The appearance of three modes on the zone diameter and MIC histograms indicated that the collected isolates included non-wild-type isolates that harbored resistance mechanisms. This was previously observed for the MIC distribution of E. coli obtained from The European Committee on Antimicrobial Susceptibility Testing (n=3219) on moxifloxacin showing a pattern with two major peaks and a tendency toward a third peak in between these two peaks. For levofloxacin, the same study set the epidemiological breakpoint for the wild-type population (n=9144) at ≤0.082, whereas European Committee on Antimicrobial Susceptibility Testing reported ≤0.25 and the CLSI reported ≤2 µg/mL.[16] Additionally, in this study, the established five-level interpretation criteria included the RS range. Such classifications have been reported before by the CLSI for vancomycin against Staphylococcus aureus.[15] In fact, mutations in the gyrA and AcrAB efflux pump regulator genes were found in the RS isolates, which were not distinguished from the S range.
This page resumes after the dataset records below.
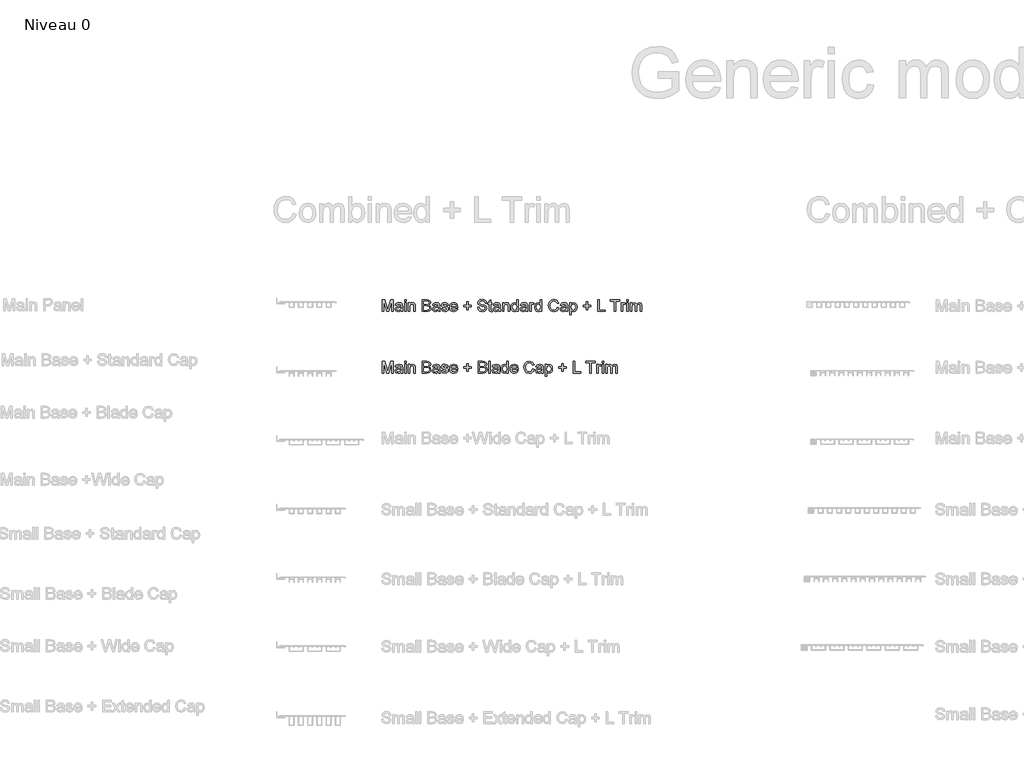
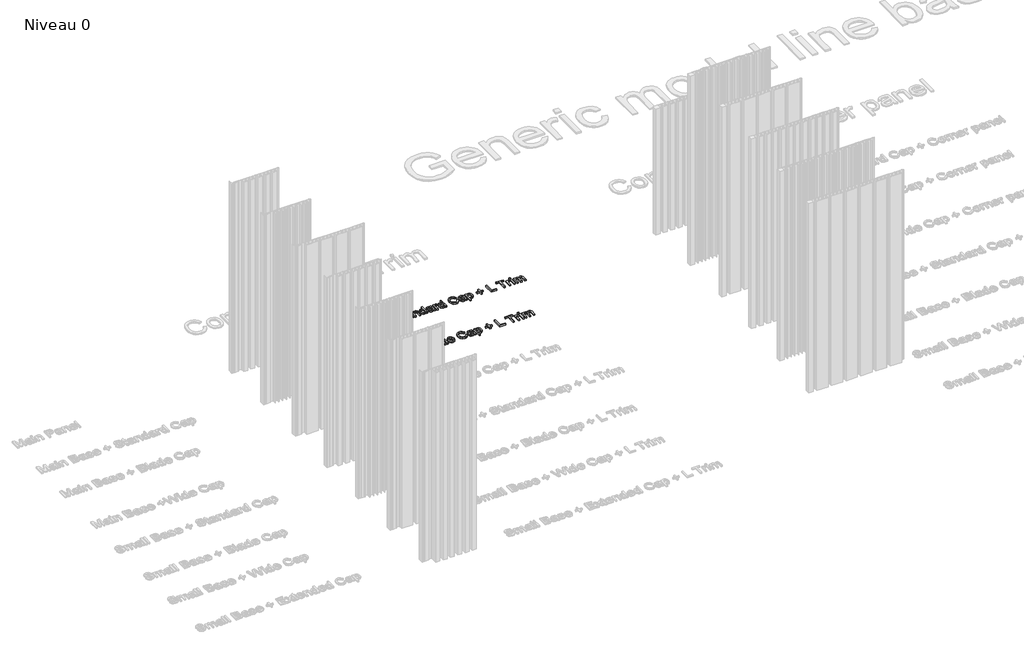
# One storey, part 17 of 25: 2 proxies.
"""IFC4 building model written with IfcOpenShell, lengths in millimetres."""

from ifc_helpers import new_model, si_unit, origin, origin_with_axes, place, context, project, spatial, polyline, outline, extrude, element, save

model = new_model("IFC4")

# Units and contexts
model_context = context("Model", 3, world=origin())
ifc_project = project(units=[si_unit("LENGTHUNIT", "METRE", prefix="MILLI")], contexts=[model_context])

# Site, building, storey
site = spatial("IfcSite", under=ifc_project)
building = spatial("IfcBuilding", under=site)
storey = spatial("IfcBuildingStorey", under=building, Name="Niveau 0", Elevation=0.0)

# Proxies
placement = place(None, origin())
element("IfcBuildingElementProxy", 1, Name="70mm Arial", ObjectType="70mm Arial", at=placement, inside=storey, context=model_context, shape_type="SweptSolid", body=[
    extrude(outline(polyline([(586.1765083, 4513.9134613), (586.1765083, 4584.2328784), (601.3013634, 4584.2328784), (615.688002, 4534.6693635), (618.5893646, 4524.3171642), (621.7310769, 4535.5277548), (635.8773659, 4584.2328784), (651.0022209, 4584.2328784), (651.0022209, 4513.9134613), (642.2122938, 4513.9134613), (642.2122938, 4575.4429513), (624.5466004, 4513.9134613), (612.6321289, 4513.9134613), (594.9664354, 4575.4429513), (594.9664354, 4513.9134613), (586.1765083, 4513.9134613)])), origin_with_axes(), (0.0, 0.0, 1.0), 10.0),
    extrude(outline(polyline([(698.2480793, 4520.5059067), (689.7242535, 4514.5486709), (680.3077007, 4512.8147204), (667.5434217, 4516.9865023), (663.0883708, 4527.6477225), (664.7708178, 4534.6006922), (669.1915331, 4539.6480332), (675.3461988, 4542.532228), (682.951546, 4543.8541506), (698.1965758, 4546.8756881), (698.2480793, 4548.8328203), (695.8274158, 4555.3222587), (686.110426, 4557.863097), (677.2174919, 4556.1720661), (672.9770388, 4550.1719108), (664.1871117, 4551.2706517), (667.9897852, 4559.8545649), (675.6466358, 4564.884738), (687.2435026, 4566.6530242), (697.8961389, 4565.090752), (703.913462, 4561.1679036), (706.6088108, 4555.2020839), (707.0380065, 4547.5108977), (707.0380065, 4536.5749922), (707.4843699, 4521.3042106), (709.2354882, 4513.9134613), (700.4455611, 4513.9134613), (698.2480793, 4520.5059067)]), holes=[polyline([(698.2480793, 4538.085761), (684.0674547, 4535.3904122), (676.5050271, 4533.9654826), (673.0800458, 4531.647826), (671.8782979, 4528.2657642), (674.4963914, 4523.5102763), (682.1789938, 4521.6046476), (691.0719279, 4523.7077063), (696.8059819, 4528.7979669), (698.1965758, 4535.5964261), (698.2480793, 4538.085761)])]), origin_with_axes(), (0.0, 0.0, 1.0), 10.0),
    extrude(outline(polyline([(719.1241563, 4513.9134613), (719.1241563, 4565.5542833), (727.9140834, 4565.5542833), (727.9140834, 4513.9134613), (719.1241563, 4513.9134613)])), origin_with_axes(), (0.0, 0.0, 1.0), 10.0),
    extrude(outline(polyline([(719.1241563, 4575.4429513), (719.1241563, 4584.2328784), (727.9140834, 4584.2328784), (727.9140834, 4575.4429513), (719.1241563, 4575.4429513)])), origin_with_axes(), (0.0, 0.0, 1.0), 10.0),
    extrude(outline(polyline([(741.0989741, 4513.9134613), (741.0989741, 4565.5542833), (749.8889013, 4565.5542833), (749.8889013, 4558.3437962), (756.6101053, 4564.5757172), (765.7863085, 4566.6530242), (774.0869526, 4564.9791611), (779.7523353, 4560.5841975), (782.3875967, 4554.1205109), (782.851128, 4545.6224368), (782.851128, 4513.9134613), (774.0612009, 4513.9134613), (774.0612009, 4544.4378567), (773.0482991, 4552.2148821), (769.4688073, 4556.3265766), (763.4343163, 4557.863097), (753.8975887, 4554.4123639), (749.8889013, 4541.3133123), (749.8889013, 4513.9134613), (741.0989741, 4513.9134613)])), origin_with_axes(), (0.0, 0.0, 1.0), 10.0),
    extrude(outline(polyline([(823.504541, 4513.9134613), (823.504541, 4584.2328784), (850.3378538, 4584.2328784), (863.4798249, 4582.1641554), (871.2396825, 4575.8034757), (874.0466221, 4566.8075346), (871.6860459, 4558.5927296), (864.5528141, 4552.3693926), (873.2139825, 4545.8112829), (876.2441039, 4534.8753774), (874.1753808, 4525.424489), (869.0507846, 4518.694701), (861.4025179, 4515.1237931), (850.1318398, 4513.9134613), (823.504541, 4513.9134613)]), holes=[polyline([(832.2944682, 4555.6656152), (848.3463859, 4555.6656152), (857.7200191, 4556.4209996), (863.3596501, 4559.6743027), (865.2566949, 4565.3997728), (863.4884088, 4571.1338269), (858.4239, 4574.5244726), (847.1274702, 4575.4429513), (832.2944682, 4575.4429513), (832.2944682, 4555.6656152)]), polyline([(832.2944682, 4522.7033885), (850.3206859, 4522.7033885), (856.84446, 4523.046745), (862.3639162, 4524.9609576), (866.0206632, 4528.8666382), (867.4541767, 4534.7895383), (865.7717297, 4541.6223332), (860.3209448, 4545.699692), (849.4622946, 4546.8756881), (832.2944682, 4546.8756881), (832.2944682, 4522.7033885)])]), origin_with_axes(), (0.0, 0.0, 1.0), 10.0),
    extrude(outline(polyline([(920.1937396, 4520.5059067), (911.6699137, 4514.5486709), (902.2533609, 4512.8147204), (889.489082, 4516.9865023), (885.034031, 4527.6477225), (886.716478, 4534.6006922), (891.1371933, 4539.6480332), (897.2918591, 4542.532228), (904.8972062, 4543.8541506), (920.1422361, 4546.8756881), (920.1937396, 4548.8328203), (917.773076, 4555.3222587), (908.0560863, 4557.863097), (899.1631522, 4556.1720661), (894.922699, 4550.1719108), (886.1327719, 4551.2706517), (889.9354454, 4559.8545649), (897.592296, 4564.884738), (909.1891628, 4566.6530242), (919.8417991, 4565.090752), (925.8591223, 4561.1679036), (928.554471, 4555.2020839), (928.9836667, 4547.5108977), (928.9836667, 4536.5749922), (929.4300302, 4521.3042106), (931.1811485, 4513.9134613), (922.3912213, 4513.9134613), (920.1937396, 4520.5059067)]), holes=[polyline([(920.1937396, 4538.085761), (906.0131149, 4535.3904122), (898.4506874, 4533.9654826), (895.025706, 4531.647826), (893.8239581, 4528.2657642), (896.4420517, 4523.5102763), (904.124654, 4521.6046476), (913.0175881, 4523.7077063), (918.7516421, 4528.7979669), (920.1422361, 4535.5964261), (920.1937396, 4538.085761)])]), origin_with_axes(), (0.0, 0.0, 1.0), 10.0),
    extrude(outline(polyline([(937.7735938, 4529.2958338), (946.563521, 4530.3945747), (950.6322958, 4523.8708007), (959.9544256, 4521.6046476), (968.916031, 4523.6819546), (971.8345615, 4528.5576173), (968.8988632, 4532.5062174), (959.8514186, 4535.01272), (946.6150244, 4539.3132606), (940.8380508, 4544.3348498), (938.8723347, 4551.4251621), (940.4517748, 4557.9746879), (944.7608992, 4562.9791093), (950.3490267, 4565.580035), (957.9114542, 4566.6530242), (968.6070101, 4564.9276576), (975.4054694, 4560.2580088), (978.4270068, 4552.3693926), (969.6370797, 4551.2706517), (966.3322731, 4556.1205626), (958.5981673, 4557.863097), (950.1859323, 4556.1978179), (947.6622619, 4552.3178891), (948.7094993, 4549.7598829), (951.9885541, 4547.8199186), (959.5595656, 4545.9486255), (972.4611872, 4541.8111793), (978.4527586, 4537.1243627), (980.6244886, 4529.4846799), (978.0750664, 4521.072445), (970.7186528, 4514.9692827), (959.8342508, 4512.8147204), (944.5033818, 4516.9693344), (937.7735938, 4529.2958338)])), origin_with_axes(), (0.0, 0.0, 1.0), 10.0),
    extrude(outline(polyline([(1026.6685991, 4529.2958338), (1035.286848, 4528.1970929), (1027.2265535, 4516.8491597), (1012.2132893, 4512.8147204), (1001.8997175, 4514.5551088), (993.9638898, 4519.7762741), (988.9036729, 4528.1391515), (987.216934, 4539.3046766), (988.9208408, 4550.845748), (994.0325611, 4559.4768727), (1001.8610899, 4564.8589863), (1011.7154223, 4566.6530242), (1021.2628798, 4564.8632783), (1028.8918327, 4559.4940405), (1033.8941081, 4550.8800836), (1035.5615332, 4539.3561801), (1035.5100298, 4536.9870201), (996.0068611, 4536.9870201), (1001.062786, 4525.5704155), (1012.3849675, 4521.6046476), (1021.0032164, 4523.441605), (1026.6685991, 4529.2958338)]), holes=[polyline([(996.0068611, 4545.7769472), (1026.7716061, 4545.7769472), (1023.2522017, 4553.7428187), (1011.6810867, 4557.863097), (1000.8567721, 4554.5754583), (996.0068611, 4545.7769472)])]), origin_with_axes(), (0.0, 0.0, 1.0), 10.0),
    extrude(outline(polyline([(1089.399837, 4524.9008703), (1089.399837, 4543.5794654), (1070.7212418, 4543.5794654), (1070.7212418, 4552.3693926), (1089.399837, 4552.3693926), (1089.399837, 4571.0479877), (1098.1897641, 4571.0479877), (1098.1897641, 4552.3693926), (1116.8683593, 4552.3693926), (1116.8683593, 4543.5794654), (1098.1897641, 4543.5794654), (1098.1897641, 4524.9008703), (1089.399837, 4524.9008703)])), origin_with_axes(), (0.0, 0.0, 1.0), 10.0),
    extrude(outline(polyline([(1154.2255496, 4538.085761), (1163.0154767, 4538.085761), (1165.8481681, 4529.2872499), (1172.7668022, 4523.7248741), (1183.3078476, 4521.6046476), (1192.4926347, 4523.2098394), (1198.4241188, 4527.6219707), (1200.3726671, 4533.5191191), (1198.9134018, 4539.0042397), (1192.9389982, 4542.9957593), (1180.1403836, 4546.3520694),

Direct sequencing of products from a multiplex reaction is usually unsuccessful. This could be attributed to the high percentage of the mixture of primers that remains after the purification step. Hence, the separation of the products on an agarose gel would remove the interference of the primer mixture. However, the cut and pooled target fragments would have a high percentage of agarose, which could inhibit subsequent sequencing reactions.[21] In this regard, the present study introduced a modification to the method of Ma et al.[20] to recover the products from a two-gel system with a minimum agarose percentage and no primer mixture interference. Additionally, we designed multiplex PCR protocols for high-throughput sequencing of the QRDRs of topoisomerase genes gyrA, parC and parE, and/or the multidrug efflux pump AcrAB expression regulation systems acrRAB, marRA, and soxSR (with maximum of six PCR products). Interestingly, a recent study developed a multiplex PCR protocol to detect up to eight plasmid-mediated quinolone-resistance determinants, which enabled the detection of resistance mechanisms in 37% of ciprofloxacin-resistant E. coli isolates.[35] Combining this method (to detect plasmid-mediated mechanisms) with the method developed in our study (to detect mechanisms due to chromosomal mutations) could further expand the understanding of quinolone-resistance in future studies.